(Beginning of Provided entries)

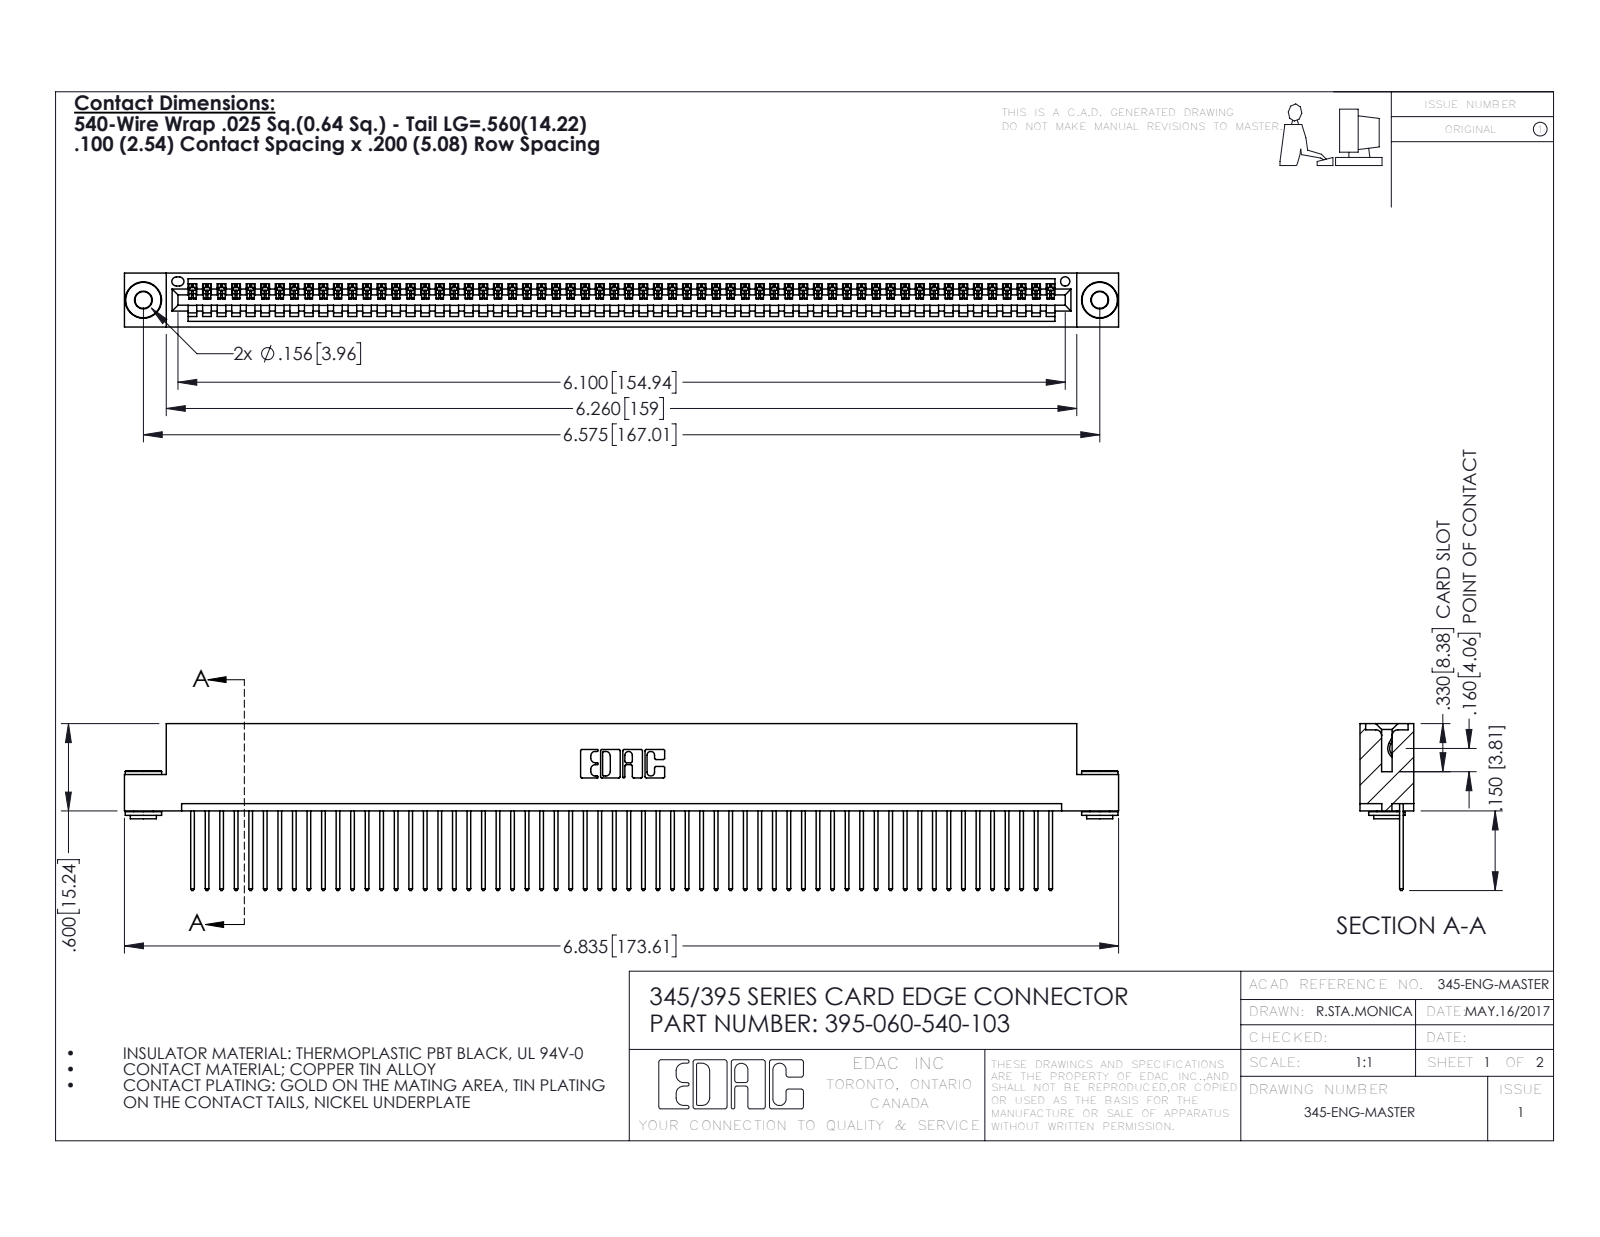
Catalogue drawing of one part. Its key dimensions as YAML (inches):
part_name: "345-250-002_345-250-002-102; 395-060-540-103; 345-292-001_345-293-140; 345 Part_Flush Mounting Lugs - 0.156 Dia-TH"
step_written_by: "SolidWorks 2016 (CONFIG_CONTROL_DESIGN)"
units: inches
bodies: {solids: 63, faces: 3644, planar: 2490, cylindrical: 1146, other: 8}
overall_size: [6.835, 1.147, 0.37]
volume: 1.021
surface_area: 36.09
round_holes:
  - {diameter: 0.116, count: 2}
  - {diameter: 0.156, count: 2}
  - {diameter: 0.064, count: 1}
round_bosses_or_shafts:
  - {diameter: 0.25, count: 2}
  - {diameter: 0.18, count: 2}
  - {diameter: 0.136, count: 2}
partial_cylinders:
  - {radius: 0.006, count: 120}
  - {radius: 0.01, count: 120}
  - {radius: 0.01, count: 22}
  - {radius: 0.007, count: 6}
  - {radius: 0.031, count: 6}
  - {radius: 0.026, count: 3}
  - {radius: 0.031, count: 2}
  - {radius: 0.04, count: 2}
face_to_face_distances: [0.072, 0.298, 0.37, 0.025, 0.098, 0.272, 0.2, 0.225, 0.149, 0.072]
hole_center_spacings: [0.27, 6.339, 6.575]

(End of Provided entries)

■ What needs to be done: Whenever a line of the data includes the word "diameter", show that line in full.

■ Task solution:
  - {diameter: 0.116, count: 2}
  - {diameter: 0.156, count: 2}
  - {diameter: 0.064, count: 1}
  - {diameter: 0.25, count: 2}
  - {diameter: 0.18, count: 2}
  - {diameter: 0.136, count: 2}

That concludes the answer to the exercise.